こんにちは、本多です。
今回は腹證奇覧に記載している、
小品奔豚湯の證の記事を掲載致します。
小品奔豚湯
図の如く、其の人胸満して気急連迫、俗に云う「息たわしく」、時々息切れして起居安からず、
心細く、時々臍の左右より奔豚気発り、欝冒して項背強急し、
或は手足逆冷する者。此の方の正證なり。
腹診を審にして、此の方を与えて其の効を知るべし。
余、此の方を数用いて、其の効験あるを知る。
例えば、桂枝加桂湯の證に似て、敢えて上衝頭痛することなし。
然れども、下より衝き上げ奔豚気をなさんと欲す。
上衝に似て上衝に非ず、甚だしき者は、小児の驚風の如く人事を知らず。
此の如き者に、大いに此の方效あり。
此に因って之を考うるに、小児の驚風と号する者も、
大人の奔豚気衝き上り、項背強急して死せんとする者も、又、
角弓反張(弓の反り返える)して死せんとする者も、
其の毒は一なり。後世、状に因って、其の名を命ずること異なるを以って、
其の方も亦異にして、治せざる者多し。只、腹證に因って一毒なるを知るべし。
又、常に癇症と号して、時々癪気下より刺込むと云う者、
此の證間あり。
考うべし。
葛根李根皮の方
炙甘草(八分)李根皮・葛根(各一戔五分)黄芩・桂心・瓜蔞仁・人参(竹節)(各四分)

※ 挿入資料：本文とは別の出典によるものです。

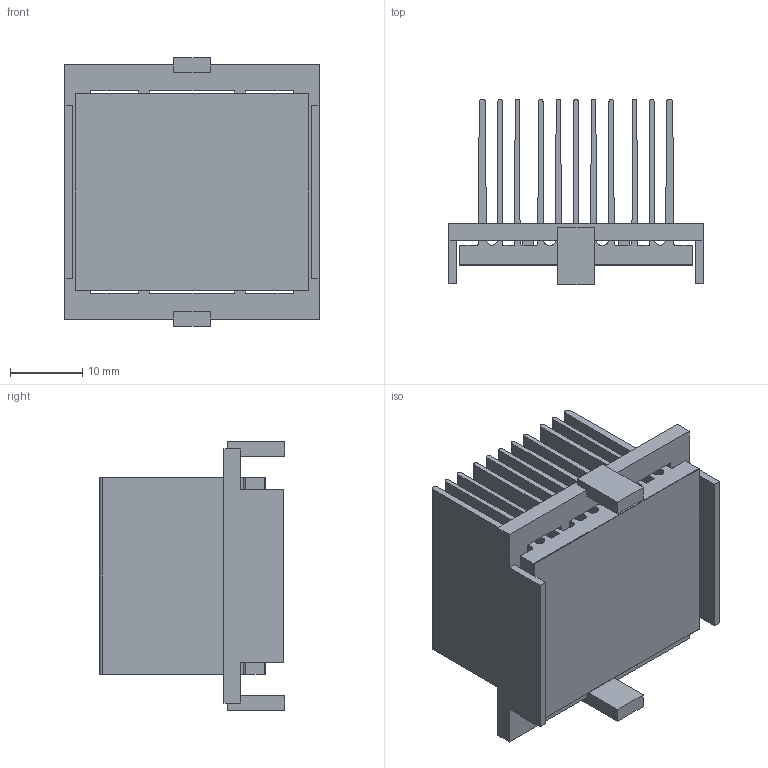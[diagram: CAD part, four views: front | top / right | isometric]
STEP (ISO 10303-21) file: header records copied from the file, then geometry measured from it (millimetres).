
FILE_DESCRIPTION (( 'STEP AP214' ), '1' );
FILE_NAME ('INH33001-23-2.6K33.STEP', '2023-02-17T18:16:03', ( '' ), ( '' ), 'SwSTEP 2.0', 'SolidWorks 2020', '' );
FILE_SCHEMA (( 'AUTOMOTIVE_DESIGN' ));
Length unit declared in the file: millimetre
Products named in the file (1): INH33001-23-2.6K33
Bounding box: 35.2 x 25.66 x 37.2 mm (x, y, z)
Volume: 8605.6 mm3; surface area: 18513.1 mm2
Topology: 3 solids, 3 shells, 126 faces, 360 edges, 240 vertices
Faces by surface type: plane 97, cylinder 29
Entity records: 5524 total; most frequent: CARTESIAN_POINT 727, ORIENTED_EDGE 720, DIRECTION 672, EDGE_CURVE 360, VECTOR 302, LINE 302, VERTEX_POINT 240, AXIS2_PLACEMENT_3D 185
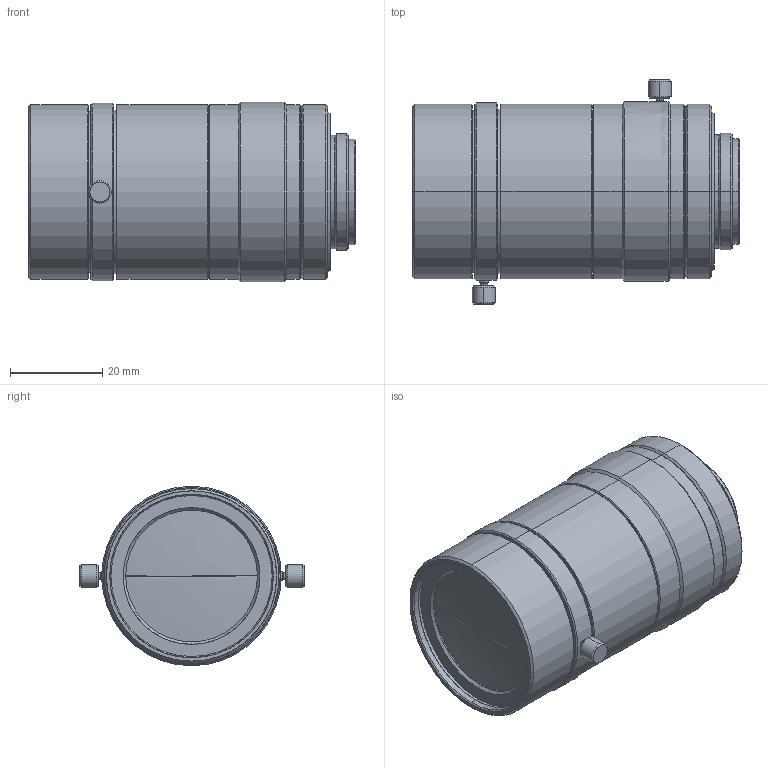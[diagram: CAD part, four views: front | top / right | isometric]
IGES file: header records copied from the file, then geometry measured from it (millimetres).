
Start section: SolidWorks IGES file using analytic representation for surfaces
Bounding box: 71 x 48.8 x 39 mm (x, y, z)
Surface area: 12589.3 mm2 (no closed solid volume)
Topology: 0 solids, 0 shells, 137 faces, 2672 edges, 2670 vertices
Faces by surface type: revolution 116, bspline 21
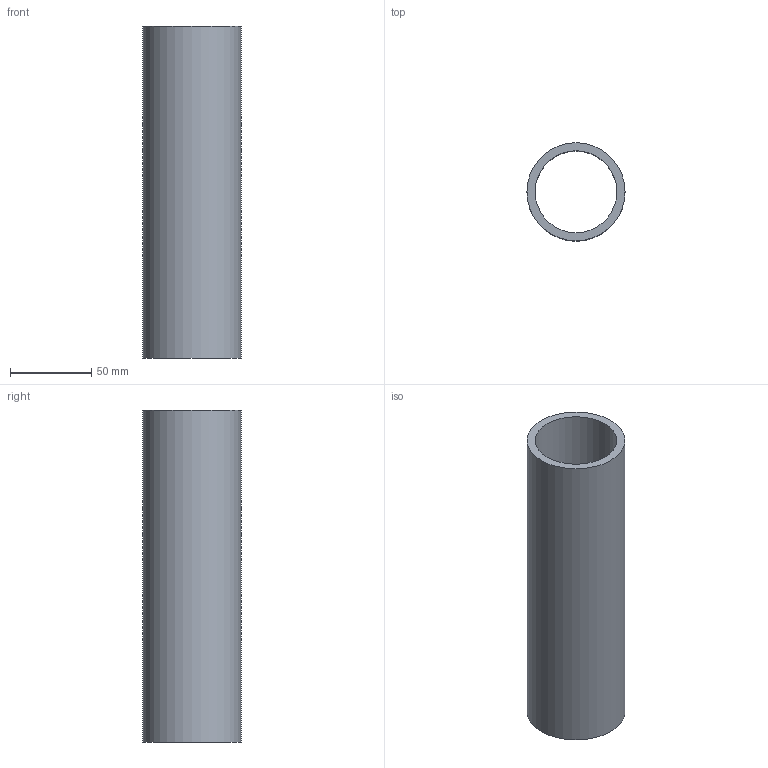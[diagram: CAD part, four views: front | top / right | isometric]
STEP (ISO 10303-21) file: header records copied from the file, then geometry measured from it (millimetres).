
FILE_DESCRIPTION(('Open CASCADE Model'),'2;1');
FILE_NAME('Open CASCADE Shape Model','2026-10-19T10:09:20',('Author'),( 'Open CASCADE'),'Open CASCADE STEP processor 8.0','Open CASCADE 8.0' ,'Unknown');
FILE_SCHEMA(('AUTOMOTIVE_DESIGN { 1 0 10303 214 1 1 1 1 }'));
Length unit declared in the file: millimetre
Products named in the file (1): CORTE_MASTIL_60p3x5_P05 64
Bounding box: 60.3 x 60.3 x 204 mm (x, y, z)
Volume: 177204.7 mm3; surface area: 72619.2 mm2
Topology: 1 solids, 1 shells, 4 faces, 6 edges, 4 vertices
Faces by surface type: cylinder 2, plane 2
Full cylindrical faces by diameter (mm): 50.3 x1, 60.3 x1
Entity records: 198 total; most frequent: CARTESIAN_POINT 51, DIRECTION 28, ORIENTED_EDGE 12, PCURVE 12, DEFINITIONAL_REPRESENTATION 12, LINE 10, VECTOR 10, AXIS2_PLACEMENT_3D 9
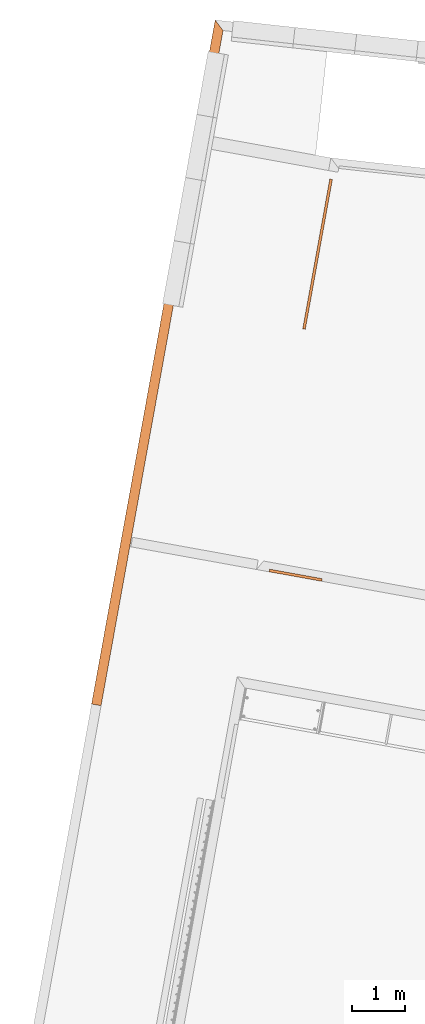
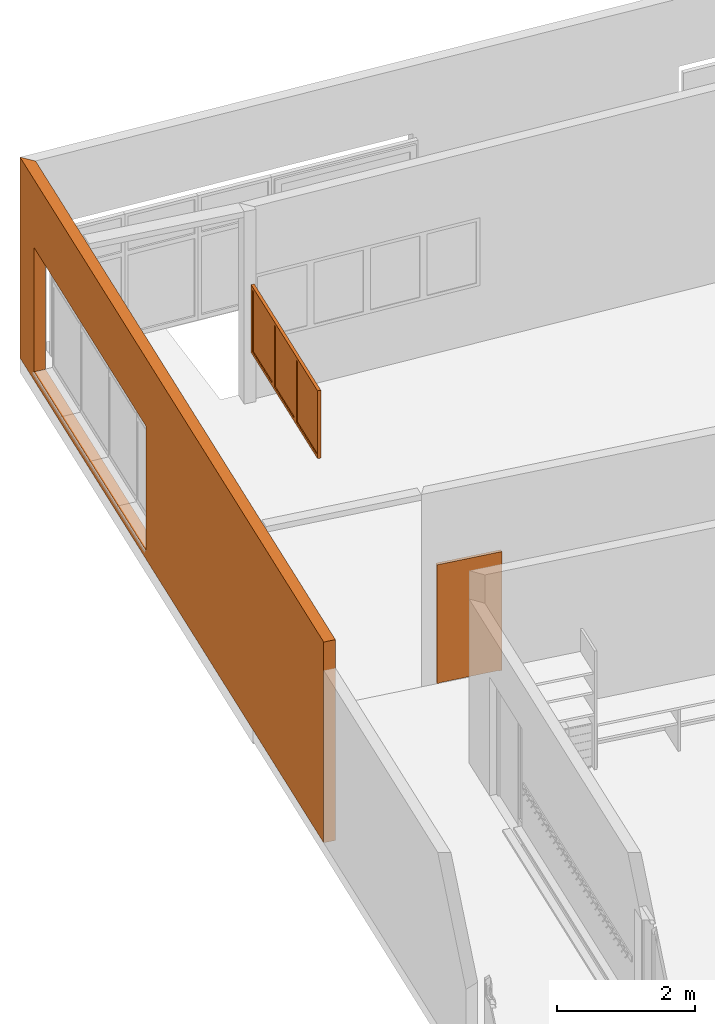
# One storey, part 46 of 52: 3 proxies.
"""IFC2X3 building model written with IfcOpenShell, lengths in metres."""

from ifc_helpers import new_model, entity, si_unit, converted_unit, derived_unit, money_unit, direction, frame, origin_with_axes, place, context, subcontext, project, spatial, polyline, outline, extrude, boolean, open_shell, faceted_brep, surface_model, material, type_object, element, save


model = new_model("IFC2X3")

# Units and contexts
model_context = context("Model", 3, precision=1e-05, world=origin_with_axes(), true_north=direction((0.0, 1.0)))
body_context = subcontext(model_context, "Body", "Model", "MODEL_VIEW")
ifc_project = project(units=[si_unit("LENGTHUNIT", "METRE"), si_unit("AREAUNIT", "SQUARE_METRE"), si_unit("VOLUMEUNIT", "CUBIC_METRE"), converted_unit("PLANEANGLEUNIT", "DEGREE", entity("IfcPlaneAngleMeasure", 0.0174532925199), si_unit("PLANEANGLEUNIT", "RADIAN"), dimensions=[0, 0, 0, 0, 0, 0, 0]), money_unit("CHF"), converted_unit("TIMEUNIT", "Year", entity("IfcTimeMeasure", 31556926.0), si_unit("TIMEUNIT", "SECOND"), dimensions=[0, 0, 1, 0, 0, 0, 0]), si_unit("MASSUNIT", "GRAM", prefix="KILO"), si_unit("THERMODYNAMICTEMPERATUREUNIT", "DEGREE_CELSIUS"), si_unit("LUMINOUSINTENSITYUNIT", "LUMEN"), si_unit("ENERGYUNIT", "JOULE", prefix="MEGA"), derived_unit("THERMALCONDUCTANCEUNIT", [(si_unit("POWERUNIT", "WATT"), 1), (si_unit("LENGTHUNIT", "METRE"), -1), (si_unit("THERMODYNAMICTEMPERATUREUNIT", "KELVIN"), -1)]), derived_unit("SPECIFICHEATCAPACITYUNIT", [(si_unit("ENERGYUNIT", "JOULE"), 1), (si_unit("MASSUNIT", "GRAM", prefix="KILO"), -1), (si_unit("THERMODYNAMICTEMPERATUREUNIT", "KELVIN"), -1)]), derived_unit("MASSDENSITYUNIT", [(si_unit("MASSUNIT", "GRAM", prefix="KILO"), 1), (si_unit("VOLUMEUNIT", "CUBIC_METRE"), -1)])], contexts=[model_context])

# Site, building, storey
site_placement = place(None, frame((0.0, 0.0, 0.0), z_axis=(0.0, 0.0, 1.0), x_axis=(-0.177771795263, -0.984071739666, 0.0)))
site = spatial("IfcSite", under=ifc_project, at=site_placement, Name="Site", CompositionType="ELEMENT")
building_placement = place(site_placement, origin_with_axes())
building = spatial("IfcBuilding", under=site, at=building_placement, Name="Bâtiment", CompositionType="ELEMENT")
storey_placement = place(building_placement, frame((0.0, 0.0, 3.2), z_axis=(0.0, 0.0, 1.0), x_axis=(1.0, 0.0, 0.0)))
storey = spatial("IfcBuildingStorey", under=building, at=storey_placement, Name="R+1", CompositionType="ELEMENT", Elevation=3.2)

# Proxies
ifc_material_1 = material(Name="Matériau de construction IFC")
building_element_proxy_type_1 = type_object("IfcBuildingElementProxyType", Name="Porte 21", PredefinedType="NOTDEFINED")
proxy_1_placement = place(storey_placement, frame((107.884841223, -156.387050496, 0.0), z_axis=(0.0, 0.0, 1.0), x_axis=(0.0, 1.0, 0.0)))
element("IfcBuildingElementProxy", 1, at=proxy_1_placement, inside=storey, type_object=building_element_proxy_type_1, material=ifc_material_1, Name="30", context=body_context, shape_type="Brep", body=[
    faceted_brep([(0.95, 0.00999999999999, 0.0), (0.95, 0.0, 0.0), (0.95, 0.0, 2.05), (0.95, 0.00999999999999, 2.05), (0.962, 0.00999999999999, 0.0), (0.962, 0.05, 0.0), (1.0, 0.05, 0.0), (1.0, 0.0, 0.0), (1.0, 0.0, 2.05), (0.962, 0.00999999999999, 2.05), (1.0, 0.05, 2.05), (0.962, 0.05, 2.05)], [[[0, 1, 2, 3]], [[4, 5, 6, 7, 1, 0]], [[1, 7, 8, 2]], [[9, 3, 2, 8, 10, 11]], [[9, 4, 0, 3]], [[11, 5, 4, 9]], [[11, 10, 6, 5]], [[6, 10, 8, 7]]]),
    faceted_brep([(0.038, 0.00999999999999, 2.05), (0.038, 0.05, 2.05), (0.0, 0.05, 2.05), (0.0, 0.0, 2.05), (0.05, 0.0, 2.05), (0.05, 0.00999999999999, 2.05), (0.038, 0.00999999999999, 0.0), (0.038, 0.05, 0.0), (0.0, 0.05, 0.0), (0.0, 0.0, 0.0), (0.05, 0.0, 0.0), (0.05, 0.00999999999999, 0.0)], [[[0, 1, 2, 3, 4, 5]], [[0, 6, 7, 1]], [[7, 8, 2, 1]], [[2, 8, 9, 3]], [[3, 9, 10, 4]], [[5, 4, 10, 11]], [[5, 11, 6, 0]], [[6, 11, 10, 9, 8, 7]]]),
    faceted_brep([(0.962, 0.05, 2.062), (0.038, 0.05, 2.062), (0.038, 0.05, 2.05), (0.0, 0.05, 2.05), (0.0, 0.05, 2.1), (1.0, 0.05, 2.1), (1.0, 0.05, 2.05), (0.962, 0.05, 2.05), (0.962, 0.00999999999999, 2.062), (0.038, 0.00999999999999, 2.062), (0.038, 0.00999999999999, 2.05), (0.05, 0.00999999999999, 2.05), (0.05, 0.0, 2.05), (0.0, 0.0, 2.05), (0.0, 0.0, 2.1), (1.0, 0.0, 2.1), (1.0, 0.0, 2.05), (0.962, 0.00999999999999, 2.05), (0.95, 0.0, 2.05), (0.95, 0.00999999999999, 2.05)], [[[0, 1, 2, 3, 4, 5, 6, 7]], [[0, 8, 9, 1]], [[1, 9, 10, 2]], [[10, 11, 12, 13, 3, 2]], [[4, 3, 13, 14]], [[5, 4, 14, 15]], [[6, 5, 15, 16]], [[17, 7, 6, 16, 18, 19]], [[7, 17, 8, 0]], [[10, 9, 8, 17, 19, 11]], [[19, 18, 12, 11]], [[12, 18, 16, 15, 14, 13]]]),
    faceted_brep([(0.038, 0.04, 0.0), (0.962, 0.04, 0.0), (0.962, 0.00999999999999, 0.0), (0.038, 0.00999999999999, 0.0), (0.038, 0.04, 2.062), (0.962, 0.04, 2.062), (0.962, 0.00999999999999, 2.062), (0.038, 0.00999999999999, 2.062)], [[[0, 1, 2, 3]], [[0, 4, 5, 1]], [[1, 5, 6, 2]], [[3, 2, 6, 7]], [[4, 0, 3, 7]], [[5, 4, 7, 6]]]),
])
ifc_material_2 = material(Name="_BA banché RAL9007")
building_element_proxy_type_2 = type_object("IfcBuildingElementProxyType", Name="_M ext 18 +18 gris 360", PredefinedType="NOTDEFINED")
proxy_2_placement = place(storey_placement, frame((110.911028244, -159.217107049, -0.15), z_axis=(0.0, 0.0, 1.0), x_axis=(-1.0, 0.0, 0.0)))
element("IfcBuildingElementProxy", 2, at=proxy_2_placement, inside=storey, type_object=building_element_proxy_type_2, material=ifc_material_2, Name="M ext-Ouest", context=body_context, shape_type="CSG", body=[
    boolean("DIFFERENCE", extrude(outline(polyline([(0.0, -0.18), (12.8427362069, -0.18), (13.0106719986, 0.0), (0.0, 0.0), (0.0, -0.18)])), origin_with_axes(), (0.0, 0.0, 1.0), 3.55), faceted_brep([(12.4106719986, 0.0, 0.1501), (7.61067199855, 0.0, 0.1501), (7.61067199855, 0.0, 2.3491), (12.4106719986, 0.0, 2.3491), (12.4106719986, -0.18, 0.1501), (7.61067199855, -0.18, 0.1501), (7.61067199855, -0.18, 2.3491), (12.4106719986, -0.18, 2.3491)], [[[0, 1, 2, 3]], [[4, 5, 1, 0]], [[5, 6, 2, 1]], [[6, 7, 3, 2]], [[7, 4, 0, 3]], [[4, 7, 6, 5]]])),
])
building_element_proxy_type_3 = type_object("IfcBuildingElementProxyType", Name="Fenêtre horizontale à châssis multiples 21", PredefinedType="NOTDEFINED")
proxy_3_placement = place(storey_placement, frame((100.447813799, -156.627050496, 1.0), z_axis=(0.0, 0.0, 1.0), x_axis=(1.0, 0.0, 0.0)))
element("IfcBuildingElementProxy", 3, at=proxy_3_placement, inside=storey, type_object=building_element_proxy_type_3, material=ifc_material_1, Name="43", context=body_context, shape_type="SurfaceModel", body=[
    faceted_brep([(2.795, 0.0499999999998, 1.145), (2.85, 0.0499999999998, 1.145), (2.85, 0.0999999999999, 1.145), (2.795, 0.0999999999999, 1.145), (2.795, 0.0499999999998, 0.055), (2.85, 0.0499999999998, 0.055), (2.85, 0.0999999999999, 0.055), (2.795, 0.0999999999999, 0.055)], [[[0, 1, 2, 3]], [[0, 4, 5, 1]], [[1, 5, 6, 2]], [[3, 2, 6, 7]], [[4, 0, 3, 7]], [[5, 4, 7, 6]]]),
    faceted_brep([(0.055, 0.0499999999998, 0.055), (0.0, 0.0499999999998, 0.055), (0.0, 0.0999999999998, 0.055), (0.055, 0.0999999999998, 0.055), (0.055, 0.0499999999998, 1.145), (0.0, 0.0499999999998, 1.145), (0.0, 0.0999999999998, 1.145), (0.055, 0.0999999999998, 1.145)], [[[0, 1, 2, 3]], [[0, 4, 5, 1]], [[1, 5, 6, 2]], [[3, 2, 6, 7]], [[4, 0, 3, 7]], [[5, 4, 7, 6]]]),
    faceted_brep([(0.055, 0.0499999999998, 1.145), (0.0, 0.0499999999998, 1.145), (0.0, 0.0999999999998, 1.145), (0.055, 0.0999999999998, 1.145), (0.895, 0.0499999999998, 1.145), (1.005, 0.0499999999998, 1.145), (1.845, 0.0499999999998, 1.145), (1.955, 0.0499999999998, 1.145), (2.795, 0.0499999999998, 1.145), (2.85, 0.0499999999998, 1.145), (2.85, 0.0499999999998, 1.2), (0.0, 0.0499999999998, 1.2), (0.0, 0.0999999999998, 1.2), (2.85, 0.0999999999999, 1.2), (2.85, 0.0999999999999, 1.145), (2.795, 0.0999999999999, 1.145), (1.955, 0.0999999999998, 1.145), (1.845, 0.0999999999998, 1.145), (1.005, 0.0999999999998, 1.145), (0.895, 0.0999999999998, 1.145)], [[[0, 1, 2, 3]], [[0, 4, 5, 6, 7, 8, 9, 10, 11, 1]], [[1, 11, 12, 2]], [[3, 2, 12, 13, 14, 15, 16, 17, 18, 19]], [[4, 0, 3, 19]], [[5, 4, 19, 18]], [[6, 5, 18, 17]], [[7, 6, 17, 16]], [[8, 7, 16, 15]], [[9, 8, 15, 14]], [[10, 9, 14, 13]], [[11, 10, 13, 12]]]),
    faceted_brep([(0.895, 0.0499999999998, 0.055), (1.005, 0.0499999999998, 0.055), (1.005, 0.0999999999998, 0.055), (0.895, 0.0999999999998, 0.055), (0.055, 0.0499999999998, 0.055), (0.0, 0.0499999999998, 0.055), (0.0, 0.0499999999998, 0.0), (2.85, 0.0499999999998, 0.0), (2.85, 0.0499999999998, 0.055), (2.795, 0.0499999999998, 0.055), (1.955, 0.0499999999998, 0.055), (1.845, 0.0499999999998, 0.055), (1.845, 0.0999999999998, 0.055), (1.955, 0.0999999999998, 0.055), (2.795, 0.0999999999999, 0.055), (2.85, 0.0999999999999, 0.055), (2.85, 0.0999999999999, 0.0), (0.0, 0.0999999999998, 0.0), (0.0, 0.0999999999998, 0.055), (0.055, 0.0999999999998, 0.055)], [[[0, 1, 2, 3]], [[0, 4, 5, 6, 7, 8, 9, 10, 11, 1]], [[1, 11, 12, 2]], [[3, 2, 12, 13, 14, 15, 16, 17, 18, 19]], [[4, 0, 3, 19]], [[5, 4, 19, 18]], [[6, 5, 18, 17]], [[7, 6, 17, 16]], [[8, 7, 16, 15]], [[9, 8, 15, 14]], [[10, 9, 14, 13]], [[11, 10, 13, 12]]]),
    faceted_brep([(1.845, 0.0499999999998, 0.055), (1.845, 0.0499999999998, 1.145), (1.845, 0.0999999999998, 1.145), (1.845, 0.0999999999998, 0.055), (1.955, 0.0499999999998, 0.055), (1.955, 0.0499999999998, 1.145), (1.955, 0.0999999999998, 1.145), (1.955, 0.0999999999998, 0.055)], [[[0, 1, 2, 3]], [[0, 4, 5, 1]], [[1, 5, 6, 2]], [[3, 2, 6, 7]], [[4, 0, 3, 7]], [[5, 4, 7, 6]]]),
    faceted_brep([(0.895, 0.0499999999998, 0.055), (0.895, 0.0499999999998, 1.145), (0.895, 0.0999999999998, 1.145), (0.895, 0.0999999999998, 0.055), (1.005, 0.0499999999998, 0.055), (1.005, 0.0499999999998, 1.145), (1.005, 0.0999999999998, 1.145), (1.005, 0.0999999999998, 0.055)], [[[0, 1, 2, 3]], [[0, 4, 5, 1]], [[1, 5, 6, 2]], [[3, 2, 6, 7]], [[4, 0, 3, 7]], [[5, 4, 7, 6]]]),
    surface_model("IfcShellBasedSurfaceModel", [(2.795, 0.0649999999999, 0.055), (2.795, 0.0649999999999, 1.145), (1.955, 0.0649999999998, 1.145), (1.955, 0.0649999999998, 0.055)], [open_shell([[[0, 1, 2, 3]]])]),
    surface_model("IfcShellBasedSurfaceModel", [(2.795, 0.0849999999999, 0.055), (1.955, 0.0849999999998, 0.055), (1.955, 0.0849999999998, 1.145), (2.795, 0.0849999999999, 1.145)], [open_shell([[[0, 1, 2, 3]]])]),
    surface_model("IfcShellBasedSurfaceModel", [(1.845, 0.0649999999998, 0.055), (1.845, 0.0649999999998, 1.145), (1.005, 0.0649999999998, 1.145), (1.005, 0.0649999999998, 0.055)], [open_shell([[[0, 1, 2, 3]]])]),
    surface_model("IfcShellBasedSurfaceModel", [(1.845, 0.0849999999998, 0.055), (1.005, 0.0849999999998, 0.055), (1.005, 0.0849999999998, 1.145), (1.845, 0.0849999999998, 1.145)], [open_shell([[[0, 1, 2, 3]]])]),
    surface_model("IfcShellBasedSurfaceModel", [(0.895, 0.0649999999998, 0.055), (0.895, 0.0649999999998, 1.145), (0.055, 0.0649999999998, 1.145), (0.055, 0.0649999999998, 0.055)], [open_shell([[[0, 1, 2, 3]]])]),
    surface_model("IfcShellBasedSurfaceModel", [(0.895, 0.0849999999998, 0.055), (0.055, 0.0849999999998, 0.055), (0.055, 0.0849999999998, 1.145), (0.895, 0.0849999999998, 1.145)], [open_shell([[[0, 1, 2, 3]]])]),
])

save(model, "model.ifc")

川芎(五分)右五味、水一盞八分を以って六分に煮取り、一度に服す。
【小品奔豚湯:組成】
炙甘草(しゃかんぞう)
マメ科のウラル甘草の根。
性味:平・甘
帰経:脾・肺・胃
主な薬効と応用:去痰・鎮咳・抗炎症
①補中益気:
脾胃虚弱で元気がない・
無力感・食欲不振・泥状便などの症候に用いる。
方剤例⇒四君子湯
②潤肺・祛痰止咳:
風寒の咳嗽時に用いる。
方剤例⇒三拗湯
③緩急止痛:
腹痛・四肢の痙攣時などに用いる。
方剤例⇒芍薬甘草湯
④清熱解毒:
咽喉の腫脹や疼痛などに用いる。
方剤例⇒甘草湯
⑤調和薬性:
性質の異なる薬物を調和させたり、偏性や毒性を軽減させる。
備考:生用すると涼性で清熱解毒に、密炙すると温性で補中益気に働く。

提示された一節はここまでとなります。